As with cost control, the most important decisions regarding the quality of a completed facility are made during the design and planning stages rather than during construction. It is during these preliminary stages that component configurations, material specifications and functional performance are decided. Quality control during construction consists largely of insuring conformance to these original design and planning decisions.

While conformance to existing design decisions is the primary focus of quality control, there are exceptions to this rule. First, unforeseen circumstances, incorrect design decisions or changes desired by an owner in the facility function may require re-evaluation of design decisions during the course of construction. While these changes may be motivated by the concern for quality, they represent occasions for re-design with all the attendant objectives and constraints. As a second case, some designs rely upon informed and appropriate decision making during the construction process itself. For example, some tunneling methods make decisions about the amount of shoring required at different locations based upon observation of soil conditions during the tunneling process. Since such decisions are based on better information concerning actual site conditions, the facility design may be more cost effective as a result.

With the attention to conformance as the measure of quality during the construction process, the specification of quality requirements in the design and contract documentation becomes extremely important. Quality requirements should be clear and verifiable, so that all parties in the project can understand the requirements for conformance. Much of the discussion in this chapter relates to the development and the implications of different quality requirements for construction as well as the issues associated with insuring conformance.
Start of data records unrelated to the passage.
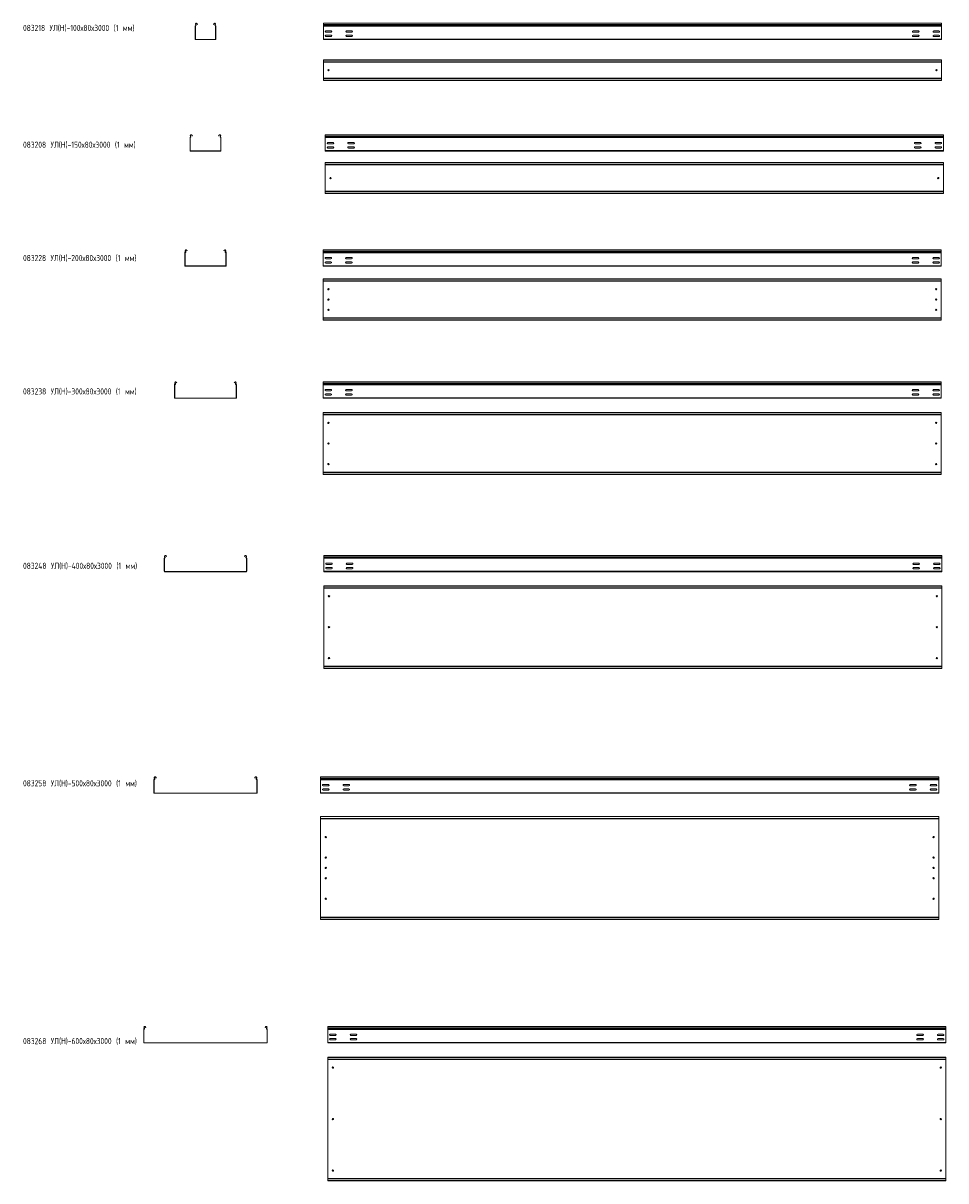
# Model space of a CAD drawing. Header units: millimetres. Extents: x -789 to 3689, y -6202 to -582.
import ezdxf

# ---------------------------------------------------------------- set-up
doc = ezdxf.new("R2010")
doc.units = ezdxf.units.MM
doc.styles.add('SLDTEXTSTYLE0', font='TXT', dxfattribs={"width": 0.7, "bigfont": 'bigfont'})

msp = doc.modelspace()

# ---------------------------------------------------------------- linework, layer by layer
at = {"color": 7, "linetype": 'Continuous', "lineweight": 15}
for p, q in [((47.2, -596.8), (46.2, -596.8)), ((46.2, -660), (46.2, -596.8)), ((47.2, -660), (47.2, -596.8)), ((47.5, -595.1), (47.8, -596)), ((48.6, -588.6), (47.7, -589.1)), ((49, -591.5), (47.7, -589.1)), ((49.9, -591), (48.6, -588.6)), ((49, -591.5), (49.9, -591)), ((55.6, -584.9), (54.8, -585.3)), ((54.8, -585.3), (56.5, -588.6)), ((55.6, -584.9), (57.4, -588.1)), ((57.4, -588.1), (56.5, -588.6)), ((135, -588.1), (136.7, -584.9)), ((135.8, -588.6), (135, -588.1)), ((135.8, -588.6), (137.6, -585.3)), ((137.6, -585.3), (136.7, -584.9)), ((143.8, -588.6), (142.5, -591)), ((142.5, -591), (143.4, -591.5)), ((144.6, -589.1), (143.4, -591.5)), ((144.6, -589.1), (143.8, -588.6)), ((144.9, -595.1), (144.6, -596)), ((146.2, -596.8), (145.2, -596.8)), ((145.2, -596.8), (145.2, -660)), ((146.2, -596.8), (146.2, -660)), ((3668.3, -582.5), (668.3, -582.5)), ((668.3, -589.1), (668.3, -582.5)), ((3668.3, -589.1), (668.3, -589.1)), ((668.3, -591.5), (668.3, -589.1)), ((3668.3, -591.5), (668.3, -591.5)), ((668.3, -595.1), (668.3, -591.5)), ((3668.3, -595.1), (668.3, -595.1)), ((668.3, -596.8), (668.3, -595.1)), ((3668.3, -596.8), (668.3, -596.8)), ((668.3, -660), (668.3, -596.8)), ((3668.3, -589.1), (3668.3, -582.5)), ((3668.3, -591.5), (3668.3, -589.1)), ((3668.3, -595.1), (3668.3, -591.5)), ((3668.3, -596.8), (3668.3, -595.1)), ((3668.3, -660), (3668.3, -596.8)), ((46.2, -660), (47.2, -660)), ((48.7, -661.5), (48.7, -662.5)), ((143.7, -661.5), (48.7, -661.5)), ((143.7, -662.5), (48.7, -662.5)), ((143.7, -662.5), (143.7, -661.5)), ((145.2, -660), (146.2, -660)), ((3668.3, -660), (668.3, -660)), ((668.3, -662.5), (668.3, -660)), ((3668.3, -662.5), (668.3, -662.5)), ((706, -620.2), (680.5, -620.2)), ((680.5, -626.7), (706, -626.7)), ((706, -641.2), (680.5, -641.2)), ((680.5, -647.7), (706, -647.7)), ((806, -620.2), (780.5, -620.2)), ((780.5, -626.7), (806, -626.7)), ((806, -641.2), (780.5, -641.2)), ((780.5, -647.7), (806, -647.7)), ((3530.5, -620.2), (3556, -620.2)), ((3556, -626.7), (3530.5, -626.7)), ((3530.5, -641.2), (3556, -641.2)), ((3556, -647.7), (3530.5, -647.7)), ((3630.5, -620.2), (3656, -620.2)), ((3656, -626.7), (3630.5, -626.7)), ((3630.5, -641.2), (3656, -641.2)), ((3656, -647.7), (3630.5, -647.7)), ((3668.3, -662.5), (3668.3, -660)), ((3668.3, -760.7), (668.3, -760.7)), ((668.3, -761.7), (668.3, -760.7)), ((3668.3, -761.7), (668.3, -761.7)), ((668.3, -770.2), (668.3, -761.7)), ((3668.3, -770.2), (668.3, -770.2)), ((668.3, -772), (668.3, -770.2)), ((3668.3, -772), (668.3, -772)), ((668.3, -772), (668.3, -849.5)), ((3668.3, -761.7), (3668.3, -760.7)), ((3668.3, -770.2), (3668.3, -761.7)), ((3668.3, -772), (3668.3, -770.2)), ((3668.3, -772), (3668.3, -849.5)), ((3668.3, -849.5), (668.3, -849.5)), ((668.3, -851.3), (668.3, -849.5)), ((3668.3, -851.3), (668.3, -851.3)), ((668.3, -859.7), (668.3, -851.3)), ((668.3, -859.7), (3668.3, -859.7)), ((668.3, -860.7), (668.3, -859.7)), ((3668.3, -860.7), (668.3, -860.7)), ((3668.3, -851.3), (3668.3, -849.5)), ((3668.3, -859.7), (3668.3, -851.3)), ((3668.3, -860.7), (3668.3, -859.7)), ((3677.8, -1123.9), (677.8, -1123.9)), ((677.8, -1130.5), (677.8, -1123.9)), ((3677.8, -1130.5), (3677.8, -1123.9)), ((22.2, -1138.2), (21.2, -1138.2)), ((21.2, -1201.4), (21.2, -1138.2)), ((22.2, -1201.4), (22.2, -1138.2)), ((22.5, -1136.4), (22.8, -1137.4)), ((23.6, -1130), (22.7, -1130.5)), ((24, -1132.9), (22.7, -1130.5)), ((24.9, -1132.4), (23.6, -1130)), ((24, -1132.9), (24.9, -1132.4)), ((30.6, -1126.2), (29.8, -1126.7)), ((29.8, -1126.7), (31.5, -1130)), ((30.6, -1126.2), (32.4, -1129.5)), ((32.4, -1129.5), (31.5, -1130)), ((160, -1129.5), (161.7, -1126.2)), ((160.8, -1130), (160, -1129.5)), ((160.8, -1130), (162.6, -1126.7)), ((162.6, -1126.7), (161.7, -1126.2)), ((168.8, -1130), (167.5, -1132.4)), ((167.5, -1132.4), (168.4, -1132.9)), ((169.6, -1130.5), (168.4, -1132.9)), ((169.6, -1130.5), (168.8, -1130)), ((169.9, -1136.4), (169.6, -1137.4)), ((171.2, -1138.2), (170.2, -1138.2)), ((170.2, -1138.2), (170.2, -1201.4)), ((171.2, -1138.2), (171.2, -1201.4)), ((3677.8, -1130.5), (677.8, -1130.5)), ((677.8, -1132.9), (677.8, -1130.5)), ((3677.8, -1132.9), (677.8, -1132.9)), ((677.8, -1136.4), (677.8, -1132.9)), ((3677.8, -1136.4), (677.8, -1136.4)), ((677.8, -1138.2), (677.8, -1136.4)), ((3677.8, -1138.2), (677.8, -1138.2)), ((677.8, -1201.4), (677.8, -1138.2)), ((715.6, -1161.4), (690.1, -1161.4)), ((690.1, -1167.9), (715.6, -1167.9)), ((815.6, -1161.4), (790.1, -1161.4)), ((790.1, -1167.9), (815.6, -1167.9)), ((3540.1, -1161.4), (3565.6, -1161.4)), ((3565.6, -1167.9), (3540.1, -1167.9)), ((3640.1, -1161.4), (3665.6, -1161.4)), ((3665.6, -1167.9), (3640.1, -1167.9)), ((3677.8, -1132.9), (3677.8, -1130.5)), ((3677.8, -1136.4), (3677.8, -1132.9)), ((3677.8, -1138.2), (3677.8, -1136.4)), ((3677.8, -1201.4), (3677.8, -1138.2)), ((21.2, -1201.4), (22.2, -1201.4)), ((23.7, -1202.9), (23.7, -1203.9)), ((168.7, -1202.9), (23.7, -1202.9)), ((168.7, -1203.9), (23.7, -1203.9)), ((168.7, -1203.9), (168.7, -1202.9)), ((170.2, -1201.4), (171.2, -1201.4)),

Safety during the construction project is also influenced in large part by decisions made during the planning and design process. Some designs or construction plans are inherently difficult and dangerous to implement, whereas other, comparable plans may considerably reduce the possibility of accidents. For example, clear separation of traffic from construction zones during roadway rehabilitation can greatly reduce the possibility of accidental collisions. Beyond these design decisions, safety largely depends upon education, vigilance and cooperation during the construction process. Workers should be constantly alert to the possibilities of accidents and avoid taken unnecessary risks.